Figure 1 is a block diagram of a conventional step-up switching regulator, Figure 2 is a diagram showing the output waveform of the high voltage generator of the same regulator, and Figure 3 is a diagram of a switching regulator according to an embodiment of the present invention. FIG. 4 is a diagram showing the output waveform of the high voltage generator in the regulator, FIG. 5 is a diagram showing the configuration of a switching regulator according to another embodiment of the present invention, and FIG. It is a figure which shows the output waveform of the high voltage generation part in the same regulator. 1... DC power supply, 2, 7... Capacitor, 3...
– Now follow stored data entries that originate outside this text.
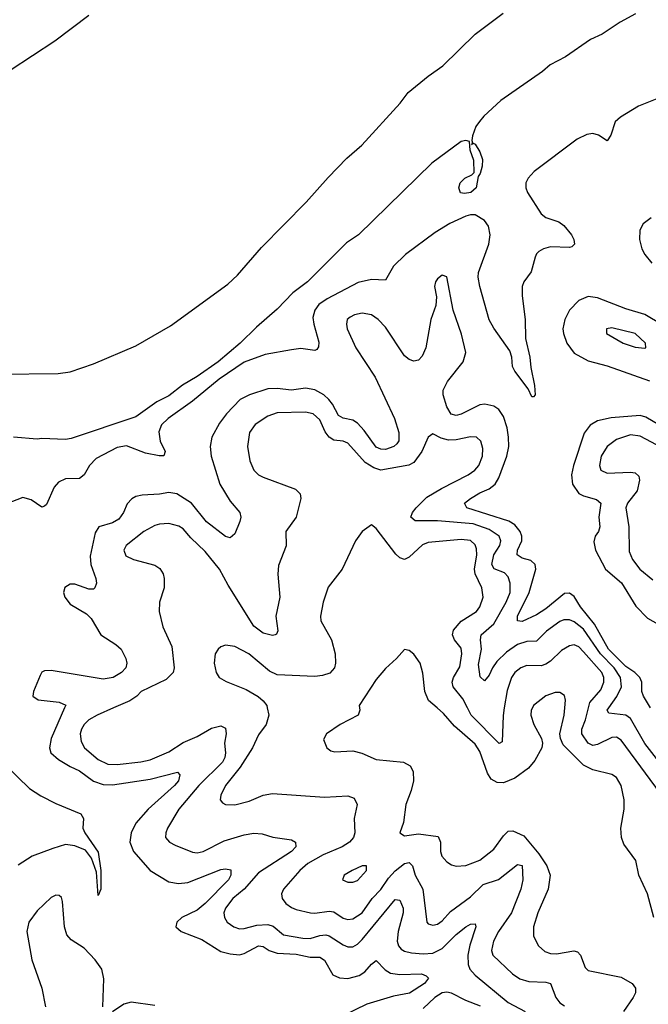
# Model space of a CAD drawing. Header units: inches. Extents: x 1843162 to 1959474, y 907081 to 1016326.
# Tile 649 of 656: x 1926736 to 1929405, y 1008741 to 1012924. Entities that reach past the tile are written whole.
import ezdxf

# ---------------------------------------------------------------- set-up
doc = ezdxf.new("R2010")
doc.units = ezdxf.units.IN
doc.header["$MEASUREMENT"] = 0
doc.layers.add('B9020', color=7, linetype='Continuous')
doc.layers.add('B9021', color=7, linetype='Continuous')

msp = doc.modelspace()

# ---------------------------------------------------------------- linework, layer by layer
at = {"layer": 'B9020', "color": 5}
for points, elevation in [([(1926926.7, 1010000), (1926869.5, 1009870), (1926862.1, 1009830), (1926868.7, 1009810), (1926900.9, 1009780.9), (1926950, 1009751.1), (1926990, 1009733.1), (1927050, 1009689.6), (1927090, 1009674.8), (1927130, 1009673.7), (1927290, 1009697.8), (1927406.6, 1009726.6), (1927416.5, 1009716.5), (1927410.1, 1009690), (1927393.9, 1009670), (1927281.8, 1009570), (1927229.6, 1009510), (1927209.1, 1009470), (1927204.5, 1009430), (1927219.3, 1009390), (1927290, 1009309.2), (1927370, 1009260.7), (1927410, 1009254.5), (1927450, 1009258.6), (1927590, 1009314), (1927610, 1009317.3), (1927632.5, 1009312.5), (1927633.1, 1009290), (1927622.1, 1009270), (1927523.4, 1009170), (1927490, 1009141.7), (1927424.7, 1009110), (1927403.2, 1009090), (1927399.6, 1009070), (1927422.3, 1009050), (1927510, 1009017), (1927590, 1008965.1), (1927630, 1008955), (1927670, 1008951.9), (1927690, 1008956.6), (1927750, 1008989.2), (1927770, 1008986.4), (1927795, 1008970), (1927830, 1008958.7), (1927910, 1008953.7), (1927970, 1008941.3), (1928010, 1008940.8), (1928030, 1008929.3), (1928066.3, 1008866.3), (1928093.9, 1008853.9), (1928130, 1008851.1), (1928177.1, 1008862.9), (1928201, 1008879), (1928230, 1008912.3), (1928250, 1008927.6), (1928287.3, 1008887.3), (1928310, 1008874), (1928350, 1008867.8), (1928442.8, 1008870), (1928462.6, 1008862.6), (1928472.5, 1008852.5), (1928455, 1008830), (1928391.3, 1008788.7), (1928323.8, 1008776.2), (1928210, 1008741.4), (1928108.3, 1008691.7)], 420), ([(1927134.5, 1010000), (1927065, 1009970), (1927030.2, 1009950), (1927010.2, 1009930), (1926998, 1009910), (1926993.4, 1009890), (1926997.5, 1009857.5), (1927011, 1009830), (1927070, 1009781.5), (1927110, 1009761.5), (1927150, 1009759.3), (1927250, 1009770.5), (1927290, 1009779.9), (1927370, 1009813.6), (1927430, 1009852.8), (1927490, 1009879.1), (1927550, 1009913.9), (1927590, 1009924.4), (1927610, 1009913.7), (1927612.4, 1009890), (1927606.3, 1009850), (1927610.6, 1009810), (1927607.6, 1009790), (1927597.7, 1009770), (1927496.2, 1009670), (1927412.3, 1009570), (1927363.9, 1009490), (1927356.1, 1009470), (1927354.9, 1009450), (1927372.2, 1009430), (1927396.8, 1009416.8), (1927470, 1009386.8), (1927490, 1009384.8), (1927514.7, 1009390), (1927604.5, 1009435.5), (1927690, 1009460.7), (1927730, 1009467.8), (1927765.5, 1009465.5), (1927811.4, 1009451.4), (1927890, 1009439.2), (1927906.7, 1009430), (1927908, 1009410), (1927890.2, 1009390), (1927750, 1009299.1), (1927689.2, 1009230.8), (1927641.7, 1009190), (1927609.5, 1009150), (1927603, 1009130), (1927605.4, 1009110), (1927617.6, 1009090), (1927645.7, 1009070), (1927670, 1009062.1), (1927690, 1009062.6), (1927742.8, 1009077.2), (1927790, 1009080.3), (1927812.8, 1009072.8), (1927856.8, 1009036.8), (1927937.9, 1009022.1), (1927970, 1009021), (1928010, 1009034), (1928035.9, 1009035.9), (1928050, 1009032), (1928110, 1008994), (1928130, 1008985.9), (1928150, 1008985.5), (1928170, 1008996.1), (1928190, 1009016.1), (1928330, 1009185.8), (1928350, 1009183.6), (1928364.3, 1009150), (1928364.8, 1009130), (1928343.8, 1009050), (1928339.1, 1009010), (1928344.1, 1008990), (1928355.7, 1008975.7), (1928370, 1008966.5), (1928399.1, 1008959.1), (1928450, 1008955.1), (1928490, 1008958.9), (1928530, 1008978.8), (1928590, 1009038.2), (1928630, 1009070.1), (1928650, 1009081.3), (1928670, 1009082.8), (1928672.6, 1009070), (1928647, 1008993), (1928638.5, 1008950), (1928639.9, 1008910), (1928647.5, 1008890), (1928670, 1008864.8), (1928810, 1008749.2), (1928883.1, 1008710)], 440), ([(1927787.2, 1010000), (1927793.8, 1009970), (1927783.2, 1009930), (1927750, 1009885.7), (1927724.8, 1009830), (1927672.2, 1009747.8), (1927610.1, 1009670), (1927590.2, 1009630), (1927587.9, 1009610), (1927596.9, 1009596.9), (1927610, 1009589.2), (1927650, 1009588.6), (1927710, 1009604.4), (1927770, 1009630.2), (1927810, 1009637.2), (1928030, 1009621), (1928130, 1009626.9), (1928156.3, 1009616.3), (1928168.9, 1009590), (1928156.5, 1009530), (1928159.8, 1009470), (1928153.4, 1009450), (1928136.8, 1009430), (1928105.5, 1009410), (1928024.2, 1009375.8), (1927960.1, 1009339.9), (1927925, 1009310), (1927856.1, 1009230), (1927847.8, 1009210), (1927850.3, 1009190), (1927866, 1009170), (1927890, 1009152.4), (1927910, 1009143.2), (1927971.3, 1009130), (1927990, 1009128.2), (1928050, 1009136.6), (1928070, 1009134.4), (1928110, 1009107.5), (1928130, 1009101.4), (1928150, 1009104.6), (1928190.5, 1009130), (1928232.7, 1009190), (1928270, 1009228.2), (1928302.8, 1009277.2), (1928330, 1009307.9), (1928370, 1009339.5), (1928390, 1009343.5), (1928403.5, 1009330), (1928415.1, 1009290), (1928447.2, 1009230), (1928464.7, 1009090), (1928470, 1009083.6), (1928490, 1009077.6), (1928510, 1009081.5), (1928530, 1009096.2), (1928565.3, 1009134.7), (1928650, 1009197.4), (1928704.5, 1009250), (1928768.5, 1009271.5), (1928850, 1009334.6), (1928870, 1009330.6), (1928873, 1009270), (1928864.4, 1009230), (1928824.2, 1009130), (1928769.1, 1009050), (1928747.9, 1009010), (1928739.4, 1008970), (1928745.6, 1008950), (1928829.3, 1008870), (1928860.3, 1008850), (1928897.7, 1008837.7), (1928970, 1008835.3), (1928990.1, 1008830.1), (1929012.6, 1008770), (1929030, 1008747.8), (1929050, 1008734.2)], 460), ([(1928179.2, 1010000), (1928180.5, 1009990), (1928174, 1009970), (1928097.3, 1009930), (1928038.8, 1009890), (1928026.4, 1009866.4), (1928041, 1009830), (1928057.3, 1009817.3), (1928073.7, 1009813.7), (1928150, 1009818.3), (1928188.2, 1009808.2), (1928250, 1009781.5), (1928366, 1009770), (1928394.5, 1009754.5), (1928407.1, 1009730), (1928408.4, 1009690), (1928398.9, 1009650), (1928375.9, 1009590), (1928366.5, 1009513.5), (1928350.5, 1009470), (1928370, 1009457), (1928430, 1009465.8), (1928513.3, 1009453.3), (1928523.2, 1009430), (1928522.9, 1009390), (1928529.2, 1009370), (1928550, 1009346), (1928570, 1009332.9), (1928590, 1009327.9), (1928630, 1009331.3), (1928690, 1009353.6), (1928750, 1009399.7), (1928790, 1009456.9), (1928810, 1009476.3), (1928830, 1009478), (1928877.3, 1009457.3), (1928941, 1009381), (1928973.7, 1009330), (1928988.4, 1009290), (1928979.5, 1009230), (1928935.5, 1009130), (1928917.5, 1009070), (1928918, 1009030), (1928939.6, 1008990), (1928966.1, 1008966.1), (1928990, 1008956.6), (1929015.2, 1008955.2), (1929088.5, 1008968.5), (1929104, 1008964), (1929117.5, 1008950), (1929137.1, 1008897.1), (1929150, 1008884.9), (1929290, 1008856.1), (1929336.5, 1008830), (1929351.2, 1008810), (1929350.2, 1008790), (1929340.6, 1008770), (1929299.3, 1008710)], 480), ([(1928913.2, 1010000), (1928908.2, 1009990), (1928906.2, 1009970), (1928918.5, 1009930), (1928951.5, 1009870), (1928955.5, 1009850), (1928953, 1009830), (1928923.9, 1009776.1), (1928896.3, 1009743.7), (1928838.6, 1009701.4), (1928790, 1009681.6), (1928763, 1009683), (1928737.6, 1009697.6), (1928722.3, 1009722.3), (1928690, 1009814.7), (1928670, 1009846), (1928582, 1009922), (1928535.8, 1009975.8), (1928508.1, 1010000)], 480), ([(1928793.8, 1010000), (1928788.6, 1009968.6), (1928784.4, 1009855.6), (1928771.6, 1009848.5), (1928652.8, 1009970), (1928637.6, 1010000)], 460), ([(1929429, 1009110), (1929401.8, 1009210), (1929365.2, 1009290), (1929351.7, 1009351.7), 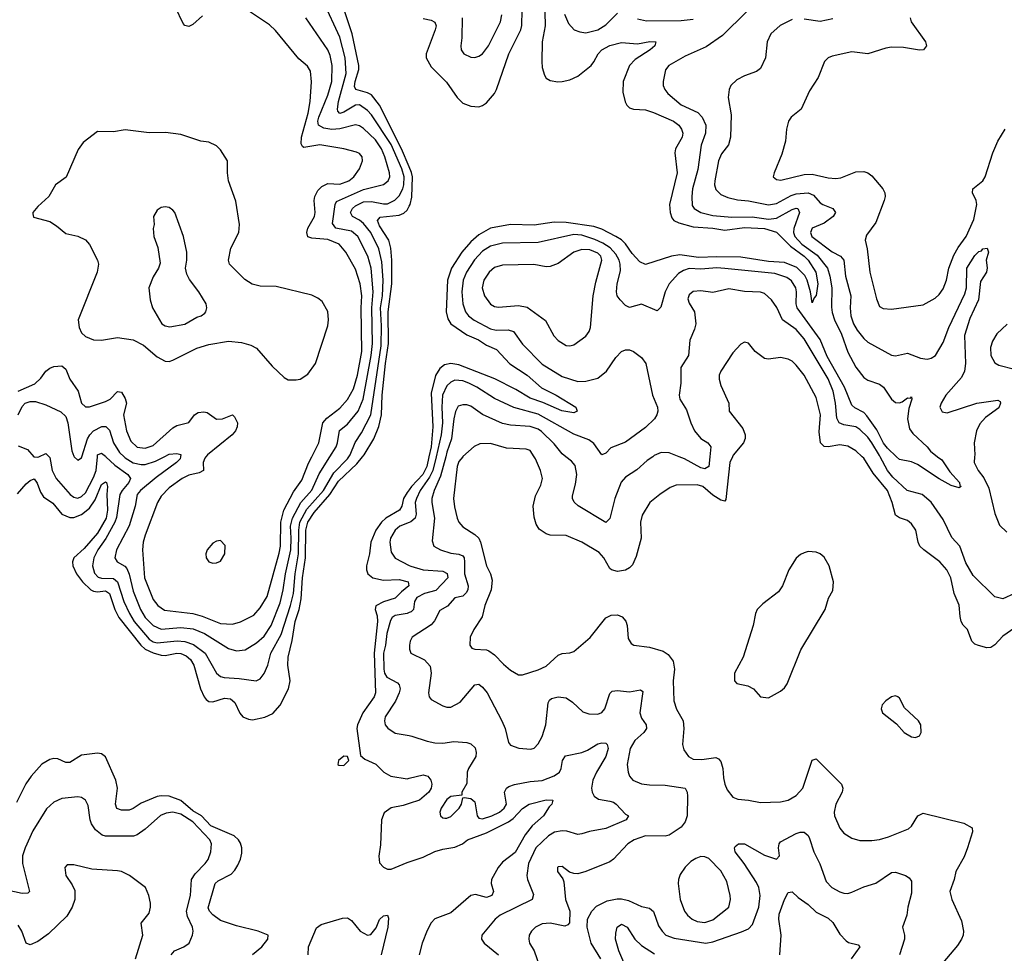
# Model space of a CAD drawing. Header units: inches. Extents: x 1682530 to 1839546, y 640742 to 791647.
# Tile 793 of 923: x 1768038 to 1772998, y 747498 to 752201. Entities that reach past the tile are written whole.
import ezdxf

# ---------------------------------------------------------------- set-up
doc = ezdxf.new("R2010")
doc.units = ezdxf.units.IN
doc.header["$MEASUREMENT"] = 0
for name, color, linetype in [('B7764', 7, 'Continuous'), ('B7765', 7, 'Continuous'), ('B7774', 7, 'Continuous'), ('B7775', 7, 'Continuous')]:
    doc.layers.add(name, color=color, linetype=linetype)

msp = doc.modelspace()

# ---------------------------------------------------------------- linework, layer by layer
at = {"layer": 'B7764', "color": 5}
for points, elevation in [([(1768026.8, 749813.2), (1768070, 749862.5), (1768090, 749880.1), (1768110, 749887.8), (1768126.6, 749866.5), (1768142.1, 749822.1), (1768157.9, 749797.9), (1768205.1, 749765.1), (1768250.7, 749710.7), (1768290, 749693.8), (1768310, 749694.3), (1768350, 749709.1), (1768390, 749740.1), (1768417.7, 749782.3), (1768450, 749860.5), (1768470, 749873.4), (1768475.6, 749870), (1768480.8, 749850), (1768476, 749810), (1768479.6, 749730), (1768473.3, 749690), (1768430, 749613.9), (1768362.4, 749537.6), (1768310.1, 749490), (1768303.3, 749470), (1768305.1, 749450), (1768324.5, 749410), (1768354.9, 749370), (1768395.5, 749330), (1768410, 749321.8), (1768430, 749319.4), (1768470, 749324.7), (1768490, 749311.3), (1768516.7, 749230), (1768537.3, 749190), (1768647.9, 749050), (1768669.3, 749030), (1768710, 749011.1), (1768750, 749000.4), (1768770, 748997.9), (1768830, 749010.1), (1768850, 749007.7), (1768876.9, 748996.9), (1768898.2, 748978.2), (1768915, 748950), (1768948.5, 748830), (1768966.6, 748790), (1768977.3, 748777.3), (1768990, 748766.8), (1769010, 748765.4), (1769070, 748783.7), (1769100.2, 748780.2), (1769122.3, 748762.3), (1769147.2, 748707.2), (1769161.5, 748690), (1769190, 748676.9), (1769210, 748674), (1769273, 748687), (1769313.5, 748706.5), (1769350, 748748), (1769392.8, 748830), (1769400.4, 748870), (1769389.4, 748950), (1769389.5, 748990), (1769410, 749073.4), (1769426.2, 749170), (1769445.7, 749230), (1769455.6, 749284.4), (1769462.8, 749390), (1769477.4, 749490), (1769479.6, 749630), (1769490, 749670), (1769520.7, 749719.3), (1769600.3, 749810), (1769643.2, 749876.8), (1769735.4, 749964.6), (1769765.4, 750000)], 620), ([(1768109.4, 750000), (1768110, 749999.3), (1768130, 749998.3), (1768134, 750000)], 640), ([(1768186.3, 750000), (1768190, 749996.4), (1768201, 749930), (1768220.9, 749890), (1768292, 749810), (1768310, 749795.3), (1768330, 749791.4), (1768350, 749799.3), (1768370, 749818.7), (1768410, 749895.3), (1768422.4, 749930), (1768429.6, 750000)], 640), ([(1768312.3, 750000), (1768330, 749981.7), (1768350, 749994.4), (1768351.7, 750000)], 660), ([(1768472.5, 750000), (1768516.7, 749956.7), (1768582.5, 749910), (1768596.4, 749890), (1768587.6, 749870), (1768553.3, 749830), (1768543, 749810), (1768525.7, 749694.3), (1768517.9, 749670), (1768471.6, 749588.5), (1768431.3, 749530), (1768411.3, 749490), (1768403.8, 749450), (1768414, 749414), (1768433.9, 749393.9), (1768450, 749388.6), (1768510, 749386), (1768530, 749370), (1768562.2, 749270), (1768590.4, 749210), (1768614.8, 749170), (1768690, 749080.3), (1768710, 749067.5), (1768730, 749061.8), (1768831.6, 749071.6), (1768870, 749068.4), (1768913.9, 749053.9), (1768972.3, 749010), (1769030, 748909.1), (1769050, 748892), (1769067.3, 748887.3), (1769143.3, 748883.4), (1769228.9, 748871.1), (1769250, 748880.2), (1769270, 748907), (1769287.9, 748950), (1769302.7, 749010), (1769355.2, 749104.8), (1769402.8, 749250), (1769417.9, 749310), (1769426.2, 749410), (1769441.9, 749510), (1769443.6, 749630), (1769449.2, 749670.8), (1769484.1, 749735.9), (1769568.5, 749830), (1769620.8, 749919.2), (1769689.9, 749990), (1769696.7, 750000)], 640), ([(1768848, 750000), (1768845.8, 749990), (1768827.6, 749970), (1768725.6, 749894.4), (1768645.9, 749830), (1768628.9, 749810), (1768619.1, 749750), (1768588.7, 749651.2), (1768525.3, 749530), (1768517.7, 749490), (1768529.1, 749470), (1768567.9, 749447.9), (1768576.9, 749436.9), (1768588.9, 749408.9), (1768610, 749321.8), (1768646.9, 749230), (1768670.1, 749190), (1768710, 749148.8), (1768750, 749131), (1768850, 749139.7), (1768912.1, 749132.1), (1768968.9, 749108.9), (1769090, 749034.3), (1769130, 749021.6), (1769173.6, 749026.4), (1769230, 749063), (1769270, 749095.9), (1769305.4, 749150), (1769350, 749263.2), (1769365.9, 749330), (1769376.9, 749410), (1769403.4, 749530), (1769406.2, 749590), (1769402.9, 749650), (1769412.3, 749690), (1769453.5, 749770), (1769510, 749830.6), (1769546.7, 749913.3), (1769600.5, 750000)], 660), ([(1768563.6, 750000), (1768570, 749994.1), (1768610, 749969.7), (1768650, 749960.7), (1768670, 749961.3), (1768722.4, 749977.6), (1768765.9, 750000)], 660), ([(1768975.9, 750000), (1768970, 749992.9), (1768961.8, 749970), (1768963.2, 749930), (1768941.3, 749918.7), (1768890, 749907.2), (1768855.9, 749890), (1768790, 749843.7), (1768750, 749801.6), (1768731.4, 749768.6), (1768670, 749605.1), (1768659.8, 749570), (1768656, 749530), (1768666.3, 749390), (1768710, 749281.2), (1768734.3, 749250), (1768767.5, 749227.5), (1768910.1, 749210.1), (1768956.9, 749196.9), (1769050, 749160.4), (1769110, 749157), (1769150, 749168), (1769217.9, 749202.1), (1769250, 749237.8), (1769284.3, 749295.7), (1769345.8, 749514.2), (1769350.9, 749550), (1769353.6, 749670), (1769369.1, 749730.9), (1769417, 749823), (1769458.7, 749881.3), (1769492.1, 749967.9), (1769508.8, 750000)], 680), ([(1770000, 749833.8), (1769990, 749819.5), (1769972.1, 749790), (1769962.4, 749750), (1769951.5, 749730), (1769882.9, 749690), (1769860.9, 749670), (1769831.3, 749630), (1769807.3, 749570), (1769800.8, 749510), (1769785.6, 749450), (1769785.1, 749430), (1769792.3, 749410), (1769816.2, 749390), (1769870, 749378.6), (1769950, 749381.9), (1769994, 749370), (1769997.8, 749350), (1769960.5, 749319.5), (1769930, 749286.7), (1769870.4, 749269.6), (1769831.2, 749248.8), (1769828.2, 749230), (1769838.4, 749198.4), (1769840.4, 749170), (1769823.9, 749010), (1769831.1, 748810), (1769824.3, 748790), (1769766.8, 748710), (1769739.1, 748650), (1769736, 748630), (1769754, 748494), (1769776.5, 748476.5), (1769831.2, 748451.2), (1769871.6, 748410), (1769907, 748390), (1769990, 748377.3), (1770000, 748379.9)], 620), ([(1770000, 749668.2), (1769953.2, 749650), (1769930.1, 749630), (1769905.3, 749590), (1769901.7, 749570), (1769910, 749519.1), (1769928.6, 749488.6), (1770000, 749451.9)], 640), ([(1770000, 749214.4), (1769990.1, 749209.9), (1769930, 749200.4), (1769915, 749190), (1769905.1, 749174.9), (1769886.7, 749110), (1769880.1, 749050), (1769869.8, 749010), (1769871.5, 748930), (1769874.8, 748910), (1769886.9, 748890), (1769940.5, 748860.5), (1769949.4, 748850), (1769954.1, 748830), (1769950.1, 748810), (1769931.7, 748768.3), (1769879, 748690), (1769875, 748670), (1769879.3, 748650), (1769891.8, 748631.8), (1769930, 748607.8), (1770000, 748595)], 640), ([(1769210, 747492.6), (1769258.2, 747530), (1769287.3, 747570), (1769289, 747590), (1769239.3, 747610), (1769130, 747636.5), (1769050, 747663), (1769010, 747692.5), (1768994, 747710), (1768987.5, 747727.5), (1769022.3, 747850), (1769037.5, 747862.5), (1769102.9, 747897.1), (1769122.3, 747917.7), (1769137.3, 747942.7), (1769150, 747972.4), (1769156.7, 748003.3), (1769156.2, 748030), (1769150, 748052.5), (1769140.4, 748070), (1769118.1, 748090), (1769001, 748141), (1768954, 748190), (1768910, 748216.3), (1768850, 748267.4), (1768790.6, 748289.4), (1768750, 748292.1), (1768730, 748288), (1768650, 748254), (1768610, 748227.4), (1768590, 748219.5), (1768550, 748219.9), (1768527.6, 748227.6), (1768519.8, 748250), (1768530.5, 748330), (1768521.4, 748370), (1768470, 748488.3), (1768450, 748503.1), (1768430, 748507), (1768350, 748497), (1768290, 748459.1), (1768270, 748459.2), (1768230, 748477.5), (1768210, 748480.2), (1768190, 748474.6), (1768149.1, 748450.9), (1768095.5, 748390), (1768068.2, 748351.8), (1768022.2, 748257.8)], 620), ([(1768800.3, 747490), (1768817.4, 747510), (1768865.1, 747530), (1768891.1, 747550), (1768908.4, 747590), (1768910.9, 747610), (1768907.8, 747630), (1768883, 747683), (1768878.5, 747710), (1768898.3, 747790), (1768904.1, 747870), (1768921.3, 747898.7), (1768972.9, 747950), (1768987, 747970), (1769001, 748010), (1769004.8, 748050), (1768995.4, 748070), (1768910, 748161.2), (1768850, 748199.9), (1768810, 748209.9), (1768775.9, 748204.1), (1768748, 748192), (1768670, 748123.5), (1768630, 748095.6), (1768611.1, 748088.9), (1768470, 748088.4), (1768452.6, 748092.6), (1768419.8, 748119.8), (1768399.8, 748150), (1768392.6, 748170), (1768382.3, 748242.3), (1768369.8, 748269.8), (1768350, 748282.6), (1768330, 748287.1), (1768250, 748278.5), (1768210, 748260.4), (1768173.4, 748226.6), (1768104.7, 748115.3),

...Inductance element, 4...Transistor,
5, 6, 11...diode.

Claims (1)

[Scope of utility model registration request] A step-up type switch in which an inductance element and a semiconductor switching element are connected in series between both ends of a capacitor that is charged by a DC power supply, and a protective diode is connected in opposite polarity between both ends of the semiconductor switching element. 1. A switching regulator, characterized in that a diode is inserted in a forward direction between the inductance element and the semiconductor switching element.